I think that the real fact that can be gleaned from reading this discussion is that we have yet to be given the perfect smartphone that we deserve. Each major platform (apple, rim, google, symbian) has its own 'must have' features that the others could learn from. There are also hardware features that shine for each manufacturer of equipment that if combined correctly would be ideal.
I want a smartphone to have:
A great screen (at least 640 x 360, high refresh rate, good backlight)
An easy to use keyboard... my preference is physical keys. It's far easier to access symbols and other extended characters with the Curve's physical keyboard than any onscreen keyboard I've seen, by holding down an 'alt' key while pressing another key to get the special character, rather than entering into a whole other set of keys just to get a dollar sign, for instance. Especially so for me because I use my phone more for the web than writing emails or other forms of natural conversation, so when I'm entering web addresses that have lots of slashes or other symbols, I want them to be easy to access.
Expandable memory.
Replaceable battery.
A standard 3.5 millimeter audio jack.
Decent camera with quality lens. Megapixels don't matter so much, lens quality does. My parents VGA camera on their 2 year old LG 5200 takes better pictures than my Curve's 2 megapixel camera - the colors are richer and the lens gathers more light. Google the phrase 'The Megapixel Myth' to learn why better lenses and optics are more important than megapixel resolution.
Workhorse processor. Lots of RAM. The Storm suffers with its 128mb of RAM compared to Apple's 512. I multitask all the time - switching between the browser and a PIN conversation, while listening to MP3s at the same time - I want it to be snappy.
Related to the above - give us custom softkeys on the side! I love that I can tie my side keys on my Curve to the application switcher or the MP3 player and toggle between apps I'm using without having to go to the main screen first.
An easy to use, configurable interface. That's a Blackberry strength right there - I love how everything is simple and clean - yet important, powerful options are a click away with the menu key.
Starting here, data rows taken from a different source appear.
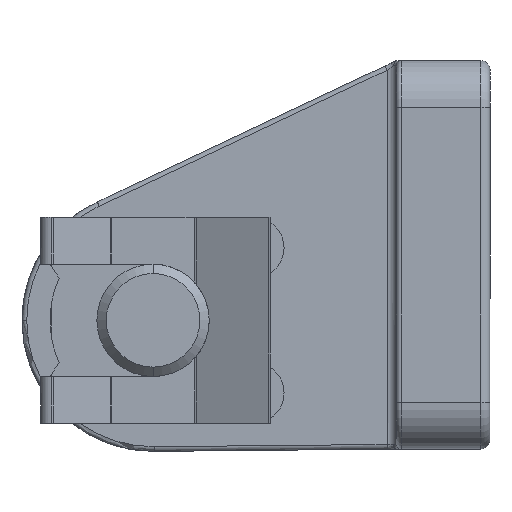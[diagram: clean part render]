
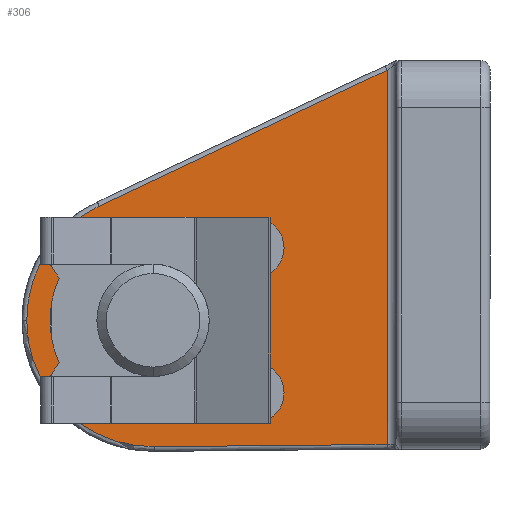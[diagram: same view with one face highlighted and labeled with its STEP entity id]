
A CAD part, left-side view. The second image highlights one B-rep face of the part: STEP entity #306.
In plain terms, the highlighted planar face has unit normal (-1, 0, 0).
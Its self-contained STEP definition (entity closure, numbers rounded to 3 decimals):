
#169 = EDGE_CURVE ( 'NONE', #3760, #3759, #1278, .T. ) ;
#284 = EDGE_CURVE ( 'NONE', #285, #286, #1494, .T. ) ;
#285 = VERTEX_POINT ( 'NONE', #1490 ) ;
#286 = VERTEX_POINT ( 'NONE', #1489 ) ;
#287 = ORIENTED_EDGE ( 'NONE', *, *, #288, .T. ) ;
#288 = EDGE_CURVE ( 'NONE', #286, #289, #1488, .T. ) ;
#289 = VERTEX_POINT ( 'NONE', #1484 ) ;
#290 = ORIENTED_EDGE ( 'NONE', *, *, #291, .T. ) ;
#291 = EDGE_CURVE ( 'NONE', #289, #3555, #1549, .T. ) ;
#292 = ORIENTED_EDGE ( 'NONE', *, *, #3554, .T. ) ;
#293 = ORIENTED_EDGE ( 'NONE', *, *, #294, .T. ) ;
#294 = EDGE_CURVE ( 'NONE', #3557, #285, #1550, .T. ) ;
#306 = ADVANCED_FACE ( 'NONE', ( #1516, #1515 ), #1521, .F. ) ;
#307 = EDGE_LOOP ( 'NONE', ( #308, #309 ) ) ;
#308 = ORIENTED_EDGE ( 'NONE', *, *, #169, .T. ) ;
#309 = ORIENTED_EDGE ( 'NONE', *, *, #3757, .T. ) ;
#310 = EDGE_LOOP ( 'NONE', ( #311, #287, #290, #292, #293 ) ) ;
#311 = ORIENTED_EDGE ( 'NONE', *, *, #284, .T. ) ;
#1274 = DIRECTION ( 'NONE',  ( 0., 1., 0. ) ) ;
#1275 = DIRECTION ( 'NONE',  ( 1., 0., 0. ) ) ;
#1276 = CARTESIAN_POINT ( 'NONE',  ( -44., 0., 0. ) ) ;
#1277 = AXIS2_PLACEMENT_3D ( 'NONE', #1276, #1275, #1274 ) ;
#1278 = CIRCLE ( 'NONE', #1277, 6. ) ;
#1484 = CARTESIAN_POINT ( 'NONE',  ( -44., 5.761, 12.209 ) ) ;
#1485 = DIRECTION ( 'NONE',  ( 0., 0.904, -0.427 ) ) ;
#1486 = VECTOR ( 'NONE', #1485, 1000. ) ;
#1487 = CARTESIAN_POINT ( 'NONE',  ( -44., 5.761, 12.209 ) ) ;
#1488 = LINE ( 'NONE', #1487, #1486 ) ;
#1489 = CARTESIAN_POINT ( 'NONE',  ( -44., -25., 26.725 ) ) ;
#1490 = CARTESIAN_POINT ( 'NONE',  ( -44., -25., -13.26 ) ) ;
#1491 = DIRECTION ( 'NONE',  ( 0., 0., 1. ) ) ;
#1492 = VECTOR ( 'NONE', #1491, 1000. ) ;
#1493 = CARTESIAN_POINT ( 'NONE',  ( -44., -25., 27.75 ) ) ;
#1494 = LINE ( 'NONE', #1493, #1492 ) ;
#1515 = FACE_OUTER_BOUND ( 'NONE', #310, .T. ) ;
#1516 = FACE_BOUND ( 'NONE', #307, .T. ) ;
#1521 = PLANE ( 'NONE',  #1582 ) ;
#1542 = DIRECTION ( 'NONE',  ( 0., -1., 0.01 ) ) ;
#1543 = VECTOR ( 'NONE', #1542, 1000. ) ;
#1544 = CARTESIAN_POINT ( 'NONE',  ( -44., -24.995, -13.26 ) ) ;
#1545 = DIRECTION ( 'NONE',  ( 0., 1., 0. ) ) ;
#1546 = DIRECTION ( 'NONE',  ( -1., 0., 0. ) ) ;
#1547 = CARTESIAN_POINT ( 'NONE',  ( -44., 0., 0. ) ) ;
#1548 = AXIS2_PLACEMENT_3D ( 'NONE', #1547, #1546, #1545 ) ;
#1549 = CIRCLE ( 'NONE', #1548, 13.5 ) ;
#1550 = LINE ( 'NONE', #1544, #1543 ) ;
#1578 = DIRECTION ( 'NONE',  ( 0., 1., 0. ) ) ;
#1579 = DIRECTION ( 'NONE',  ( 1., 0., 0. ) ) ;
#1581 = CARTESIAN_POINT ( 'NONE',  ( -44., 14., 27.751 ) ) ;
#1582 = AXIS2_PLACEMENT_3D ( 'NONE', #1581, #1579, #1578 ) ;
#3554 = EDGE_CURVE ( 'NONE', #3555, #3557, #5246, .T. ) ;
#3555 = VERTEX_POINT ( 'NONE', #5241 ) ;
#3557 = VERTEX_POINT ( 'NONE', #5240 ) ;
#3757 = EDGE_CURVE ( 'NONE', #3759, #3760, #5483, .T. ) ;
#3759 = VERTEX_POINT ( 'NONE', #5475 ) ;
#3760 = VERTEX_POINT ( 'NONE', #5474 ) ;
#5240 = CARTESIAN_POINT ( 'NONE',  ( -44., -0.13, -13.499 ) ) ;
#5241 = CARTESIAN_POINT ( 'NONE',  ( -44., 13.5, 0. ) ) ;
#5242 = DIRECTION ( 'NONE',  ( 0., 1., 0. ) ) ;
#5243 = DIRECTION ( 'NONE',  ( -1., 0., 0. ) ) ;
#5244 = CARTESIAN_POINT ( 'NONE',  ( -44., 0., 0. ) ) ;
#5245 = AXIS2_PLACEMENT_3D ( 'NONE', #5244, #5243, #5242 ) ;
#5246 = CIRCLE ( 'NONE', #5245, 13.5 ) ;
#5474 = CARTESIAN_POINT ( 'NONE',  ( -44., 0., -6. ) ) ;
#5475 = CARTESIAN_POINT ( 'NONE',  ( -44., 0., 6. ) ) ;
#5476 = DIRECTION ( 'NONE',  ( 0., 1., 0. ) ) ;
#5477 = DIRECTION ( 'NONE',  ( 1., 0., 0. ) ) ;
#5478 = CARTESIAN_POINT ( 'NONE',  ( -44., 0., 0. ) ) ;
#5479 = AXIS2_PLACEMENT_3D ( 'NONE', #5478, #5477, #5476 ) ;
#5483 = CIRCLE ( 'NONE', #5479, 6. ) ;
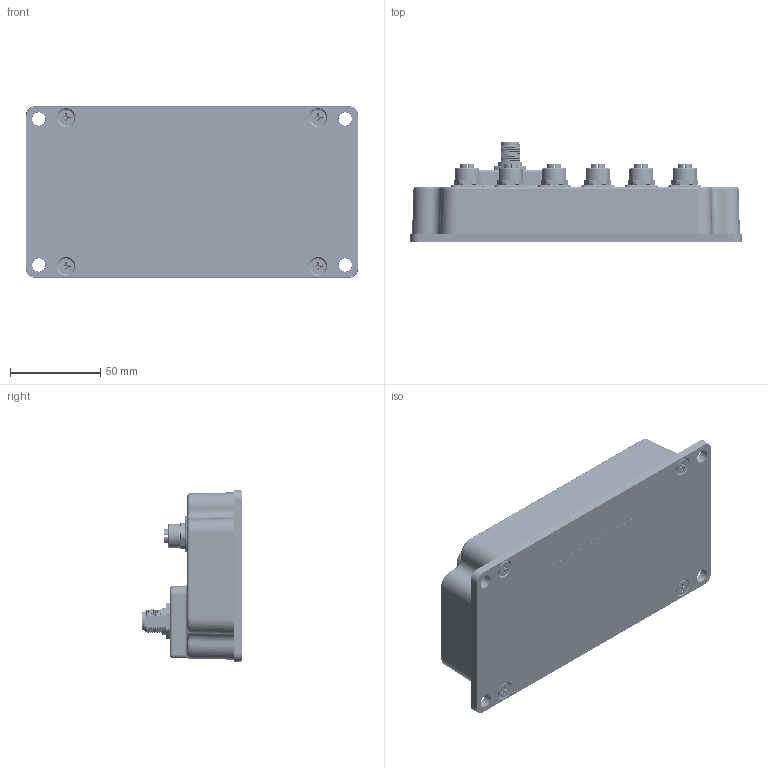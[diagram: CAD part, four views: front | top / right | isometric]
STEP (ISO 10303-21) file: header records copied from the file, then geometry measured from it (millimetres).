
FILE_DESCRIPTION (( 'STEP AP203' ), '1' );
FILE_NAME ('AX140705-P1.2.STEP', '2026-03-27T21:10:43', ( '' ), ( '' ), 'SwSTEP 2.0', 'SolidWorks 2023', '' );
FILE_SCHEMA (( 'CONFIG_CONTROL_DESIGN' ));
Length unit declared in the file: millimetre
Products named in the file (24): GAS-13018-01-R2; LBP-AX140705-01-R1; MMT-16010-01-R1; CTP-24028-01-R1; 09-344x-126-05 backnut; LBP-AX140705-02-R1; FHA-632-8; CAB-23024-01-R3; BINDER 99-3782-200-08 insert; CST-24028-01-R1; LBM-AX140705-01-R1; BINDER 99-3782-200-08 counter nut; CTP-19143-02-R1; AX140705-P1.2; PLP5-2-250; LBM-SERIAL-01-R3; BINDER 99-3782-200-08 shell; BINDER 09-3441-126-05; MG-24028-01 for STEP; GAS-16010-01-R1; MS-M5CX12SSPFU; M12 o ring; MOLEX_2125280600; MOL 2064610600
Assembly tree (62 placements, depth 4):
  AX140705-P1.2
    MG-24028-01 for STEP
      BINDER 99-3782-200-08 insert  x6
      CTP-24028-01-R1
        FHA-632-8  x4
        CST-24028-01-R1
      BINDER 99-3782-200-08 counter nut  x6
      PLP5-2-250  x13
      BINDER 99-3782-200-08 shell  x6
      GAS-16010-01-R1
      MMT-16010-01-R1
      CAB-23024-01-R3
        BINDER 09-3441-126-05
        MOL 2064610600
      09-344x-126-05 backnut
      MOLEX_2125280600
      CTP-19143-02-R1
      GAS-13018-01-R2
      MS-M5CX12SSPFU  x4
      LBM-SERIAL-01-R3  x2
    LBP-AX140705-01-R1
    LBP-AX140705-02-R1
    LBM-AX140705-01-R1
    M12 o ring  x6
Bounding box: 184.15 x 55.66 x 95.25 mm (x, y, z)
Volume: 196659.5 mm3; surface area: 171970.8 mm2
Topology: 125 solids, 149 shells, 10290 faces, 26811 edges, 17167 vertices
Faces by surface type: plane 4659, cylinder 2598, bspline 1618, cone 690, torus 586, sphere 139
Entity records: 285513 total; most frequent: CARTESIAN_POINT 145996, ORIENTED_EDGE 30758, DIRECTION 23145, EDGE_CURVE 15379, VERTEX_POINT 9986, LINE 9821, VECTOR 9821, AXIS2_PLACEMENT_3D 6662
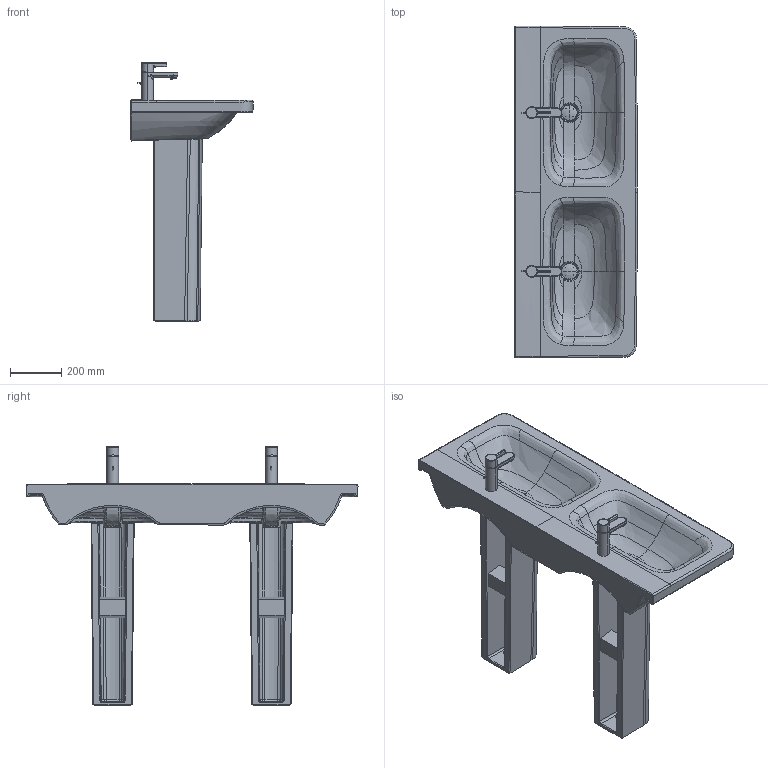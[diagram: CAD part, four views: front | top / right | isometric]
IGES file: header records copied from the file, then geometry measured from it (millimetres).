
Global section: file name: No Iges File Name specified; native system: Autodesk Inventor 2011; preprocessor: AutoDesk Inventor Iges Exporter R2011; author: Administrator; date: 20150527.151610; units: millimetre
Bounding box: 480.03 x 1300.5 x 1014.39 mm (x, y, z)
Volume: 53812438.5 mm3; surface area: 3647133.9 mm2
Topology: 15 solids, 15 shells, 1052 faces, 2600 edges, 1560 vertices
Faces by surface type: bspline 582, plane 176, revolution 130, cylinder 112, torus 30, sphere 16, cone 6

Connectivity options - bluetooth, wifi, hell, give us infrared! Infrared ports are going out of style, unfortunately, but they allow for custom software to use the phone as a remote control!
Standard interface jacks like MiniUSB or MicroUSB, not some proprietary nonsense like the iphone, omnia, etc.
3g, of course.
SMS, MMS, push email, IM options, etc.
A clear, loud speakerphone/ringer.
Noise cancellation tech - a secondary microphone on the back side of the phone that listens to what's going on in the room you're in and cancels it out for the listener on the other end of the line so they don't hear the party in the background.
Accelerometer - whether the phone is touch screen or not.
Document viewing and manipulation, and file handling - a weak point of both the iphone and Blackberry is the inability to store and manage basic filetypes with a file manager - that's a Windows Mobile strength. Yes, WinMo has strengths too!
Decent voice command.
And here's a big one that Android has brought to the table - open architecture that's easy to develop for and unrestricted in terms of user choice as to what can be run on the device. That's the BIG black mark against Apple in my book. I can load whatever someone develops for WinMo on a Windows device and Microsoft be damned! I'd have to jailbreak an iphone to be able to install a custom modified or made-from-scratch web browser on it. Blackberry's halfway there in the sense that you have free choice as to what you can run, but the developer support's not there yet.
What meets the most of these critereon, as far as I can tell, is the Nokia N97, as far as I can tell. I'm confident that 2009 will bring us closer to the smartphone ideal!